53: No More Overtime
53: No More Overtime
No More Overtime
Work expands so as to fill the time available for its completion.
~C. Northcote Parkinson
I sighed at the piles of dishes on the kitchen counter. A quick glance at the clock showed it was almost 8:30. I had just finished putting our daughters, ages two and six, to bed. I desperately wanted to play fairy godmother and wave my magic wand. Poof! Dirty dishes be clean. Poof! Floors be swept. Poof! Laundry be done.
But I’m no fairy godmother, and I certainly don’t have a magic wand. No chance of enlisting help from my husband, either. I could hear Derek in the home office, still on the phone scheduling appointments with clients for the next day. There was nothing left to do but tackle the mountain of dishes. But as I fished bits of greasy chicken and mystery food gunk out of the garbage disposal, that familiar and weary discontent returned.
By the time I was wiping the counters, I was shooting furious glances at Derek. He was now relaxing on the couch, watching TV Couldn’t he see how much work remained?
I hinted through gritted teeth, “You know, I sure could use some help in here. Maybe dry these dishes. Or make lunches for school tomorrow.”
“Not now, hon. I just sat down. I need a break. I’ll help in the morning, okay?”
That was not okay. Couldn’t he see I needed a break, too?
“I can’t. Can’t you see how much still needs to get done?”
He gave me a suit-yourself look and went back to flipping through the channels.
I finished in the kitchen and stomped up the stairs. Derek was blissfully (or deliberately) oblivious to my resentment. By the time I was done with the laundry, it was past ten o’clock! So unfair. Yet another late night without a moment of downtime the entire day.
I was about to spit a sarcastic “must be nice” comment Derek’s way when I considered maybe, just maybe, he wasn’t doing anything wrong. He is a busy real estate agent and works many evenings. To be fair, he deserved a break. He deserved to end his workday.
That’s when I had my epiphany: There is no official end to my workday at home. Even if I worked until midnight every night, I still wouldn’t get absolutely everything done around the house. So why was I trying?

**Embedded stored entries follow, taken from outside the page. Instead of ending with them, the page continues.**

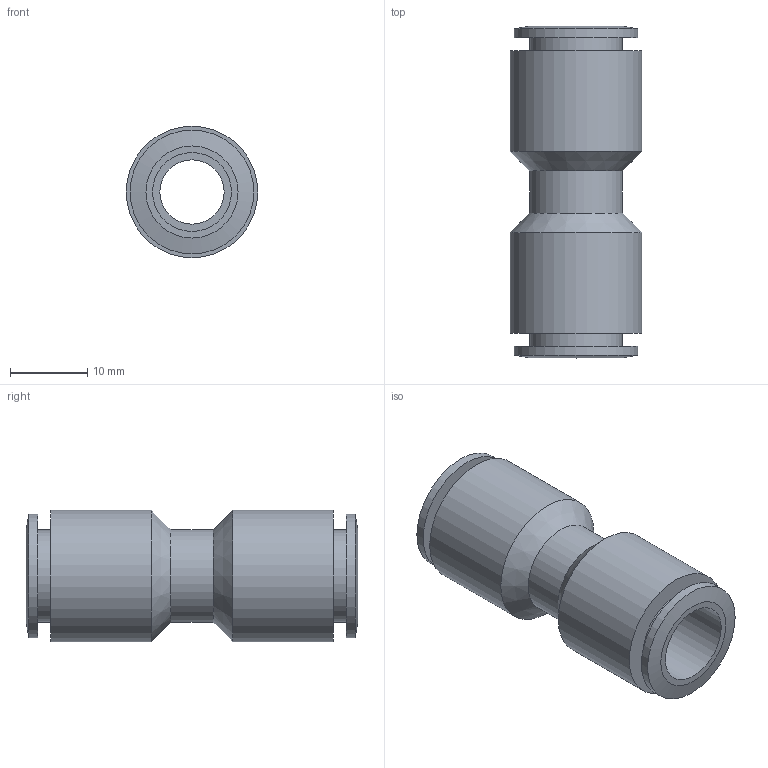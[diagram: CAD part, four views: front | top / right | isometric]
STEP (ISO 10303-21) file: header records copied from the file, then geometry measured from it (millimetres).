
FILE_DESCRIPTION((''),'2;1');
FILE_NAME('C:\Documents and Settings\rivolro1\Documenti\copia di Raccordi\PLASTICA\T03XX00\T031000.stp','2007-10-30T15:29:08',('Rivolro1'),(''),'Autodesk Inventor 2008','Autodesk Inventor 2008','');
FILE_SCHEMA(('AUTOMOTIVE_DESIGN { 1 0 10303 214 1 1 1 1 }'));
Length unit declared in the file: millimetre
Products named in the file (1): T031000
Bounding box: 17 x 42.9 x 17 mm (x, y, z)
Volume: 4928.8 mm3; surface area: 4213.8 mm2
Topology: 1 solids, 1 shells, 22 faces, 37 edges, 23 vertices
Faces by surface type: cylinder 8, plane 6, bspline 4, cone 4
Full cylindrical faces by diameter (mm): 8.3 x1, 11.9 x2, 12 x1, 16 x2, 17 x2
Entity records: 523 total; most frequent: CARTESIAN_POINT 107, DIRECTION 82, ORIENTED_EDGE 44, EDGE_LOOP 44, AXIS2_PLACEMENT_3D 41, VERTEX_POINT 22, CIRCLE 22, EDGE_CURVE 22
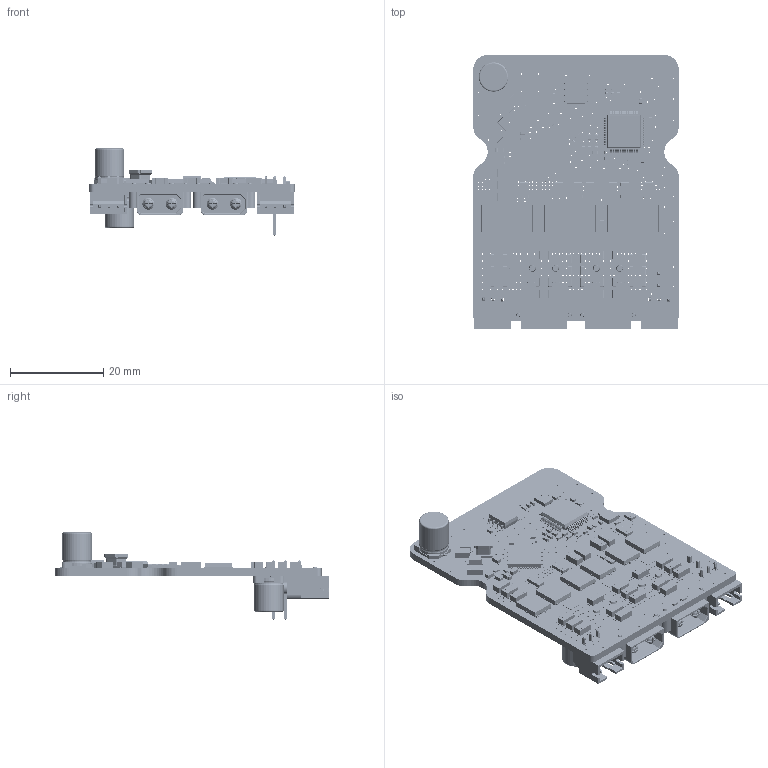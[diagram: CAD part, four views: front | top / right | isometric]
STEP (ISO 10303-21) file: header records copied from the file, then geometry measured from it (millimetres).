
FILE_DESCRIPTION(/* description */ (''),/* implementation_level */ '2;1');
FILE_NAME(/* name */ 'KRC_FOC_v2_6_board.step',/* time_stamp */ '2026-11-11T20:25:11+09:00',/* author */ (''),/* organization */ (''),/* preprocessor_version */ 'ST-DEVELOPER v20.2',/* originating_system */ 'Autodesk Translation Framework v15.17.0.0',/* authorisation */ '');
FILE_SCHEMA (('AUTOMOTIVE_DESIGN { 1 0 10303 214 3 1 1 }'));
Products named in the file (148): 2026-11-11-20-25-02-620; 2026-11-11-20-25-02-622; 2026-11-11-20-25-02-651; 2026-11-11-20-25-02-736; 2026-11-11-20-25-02-755; 2026-11-11-20-25-02-758; 2026-11-11-20-25-02-762; 2026-11-11-20-25-02-763; 2026-11-11-20-25-02-763_1; 2026-11-11-20-25-02-763_2; 2026-11-11-20-25-02-763_3; 2026-11-11-20-25-02-763_4; 2026-11-11-20-25-02-764; 2026-11-11-20-25-02-764_1; 2026-11-11-20-25-02-764_2; 2026-11-11-20-25-02-765; 2026-11-11-20-25-02-765_1; 2026-11-11-20-25-02-766; 2026-11-11-20-25-02-766_1; 2026-11-11-20-25-02-766_2; 2026-11-11-20-25-02-767; 2026-11-11-20-25-02-767_1; 2026-11-11-20-25-02-768; 2026-11-11-20-25-02-768_1; 2026-11-11-20-25-02-768_2; 2026-11-11-20-25-02-769; 2026-11-11-20-25-02-769_1; 2026-11-11-20-25-02-769_2; 2026-11-11-20-25-02-770; 2026-11-11-20-25-02-770_1; 2026-11-11-20-25-02-770_2; 2026-11-11-20-25-02-771; 2026-11-11-20-25-02-771_1; 2026-11-11-20-25-02-771_2; 2026-11-11-20-25-02-772; 2026-11-11-20-25-02-772_1; 2026-11-11-20-25-02-772_2; 2026-11-11-20-25-02-773; 2026-11-11-20-25-02-773_1; 2026-11-11-20-25-02-774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
Assembly tree (147 placements, depth 6):
  2026-11-11-20-25-02-620
    2026-11-11-20-25-02-622
    2026-11-11-20-25-02-651
    2026-11-11-20-25-02-736
    2026-11-11-20-25-02-755
    2026-11-11-20-25-02-758
    2026-11-11-20-25-02-762
      2026-11-11-20-25-02-763
      2026-11-11-20-25-02-763_1
      2026-11-11-20-25-02-763_2
      2026-11-11-20-25-02-763_3
      2026-11-11-20-25-02-763_4
      2026-11-11-20-25-02-764
      2026-11-11-20-25-02-764_1
      2026-11-11-20-25-02-764_2
      2026-11-11-20-25-02-765
      2026-11-11-20-25-02-765_1
      2026-11-11-20-25-02-766
      2026-11-11-20-25-02-766_1
      2026-11-11-20-25-02-766_2
      2026-11-11-20-25-02-767
      2026-11-11-20-25-02-767_1
      2026-11-11-20-25-02-768
      2026-11-11-20-25-02-768_1
      2026-11-11-20-25-02-768_2
      2026-11-11-20-25-02-769
      2026-11-11-20-25-02-769_1
      2026-11-11-20-25-02-769_2
      2026-11-11-20-25-02-770
      2026-11-11-20-25-02-770_1
      2026-11-11-20-25-02-770_2
      2026-11-11-20-25-02-771
      2026-11-11-20-25-02-771_1
      2026-11-11-20-25-02-771_2
      2026-11-11-20-25-02-772
      2026-11-11-20-25-02-772_1
      2026-11-11-20-25-02-772_2
      2026-11-11-20-25-02-773
      2026-11-11-20-25-02-773_1
      2026-11-11-20-25-02-774
      2026-11-11-20-25-02-774_1
      2026-11-11-20-25-02-774_2
      2026-11-11-20-25-02-775
      2026-11-11-20-25-02-775_1
      2026-11-11-20-25-02-775_2
      2026-11-11-20-25-02-776
      2026-11-11-20-25-02-776_1
      2026-11-11-20-25-02-777
      2026-11-11-20-25-02-777_1
      2026-11-11-20-25-02-778
      2026-11-11-20-25-02-779
      2026-11-11-20-25-02-779_1
      2026-11-11-20-25-02-780
      2026-11-11-20-25-02-781
      2026-11-11-20-25-02-781_1
      2026-11-11-20-25-02-782
      2026-11-11-20-25-02-782_1
      2026-11-11-20-25-02-782_2
      2026-11-11-20-25-02-783
      2026-11-11-20-25-02-783_1
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Bounding box: 43.95 x 58.58 x 18.64 mm (x, y, z)
Volume: 6152.1 mm3; surface area: 32990.3 mm2
Topology: 1420 solids, 1420 shells, 23348 faces, 57382 edges, 37022 vertices
Faces by surface type: plane 14463, cylinder 7665, sphere 1092, bspline 52, torus 48, cone 28
Full cylindrical faces by diameter (mm): 0.28 x1965, 0.288 x1, 0.346 x2, 0.35 x2380, 0.39 x2, 0.4 x2, 0.421 x12, 0.65 x4, 0.73 x30, 0.8 x24, 0.85 x4, 0.9 x8, 0.93 x20, 0.946 x10, 1 x16, 1.016 x8, 1.43 x15, 1.5 x16, 1.63 x20, 1.7 x16, 2 x8, 2.5 x8, 6.3 x4
Entity records: 707027 total; most frequent: CARTESIAN_POINT 122493, DIRECTION 119956, ORIENTED_EDGE 114756, EDGE_CURVE 57378, LINE 41798, VECTOR 41798, AXIS2_PLACEMENT_3D 39079, VERTEX_POINT 37022

A huge weight lifted as I recognized this futility. What a relief! Since I couldn’t get everything done every day, I would just do my best and end my shift at a certain time. Right then I designated 8:30 as a realistic end time to my shift.
The next night looked a little different. After putting the kids to bed, it was already 8:15. Since I only had fifteen minutes until my workday ended, I tackled the kitchen with more enthusiasm than I’ve ever known. I didn’t realize I could load the dishwasher, wash pots and wipe counters with such gusto. All the while I was glancing at the clock: 8:18… 8:24… 8:28 (woo-hoo, only two minutes to go!).
I never got to sweeping the floor or making our daughter’s school lunch, but it didn’t matter. My relief when I lit a few candles and sat on the couch with a cup of tea was worth it. When Derek came home late from work, he was rewarded with a peaceful, contented wife. No nagging. No stomping. No bitterness. It must have been a relief for him too.
Now I respect my schedule and usually end my shift on time. Nobody seems to care if the floors aren’t swept or there’s still a pile of laundry in the morning. Somehow it all gets done eventually. I started delegating jobs to my older daughter, who’s great at sorting clean laundry and putting away most of her own clothes. I’ve become more efficient with my chores, and more forgiving of myself (and my husband) when we don’t get them all done.
Turns out I didn’t need a magic wand. I just needed to set more realistic expectations and give myself permission to stop working overtime every day. Maybe next I’ll start scheduling coffee and lunch breaks too!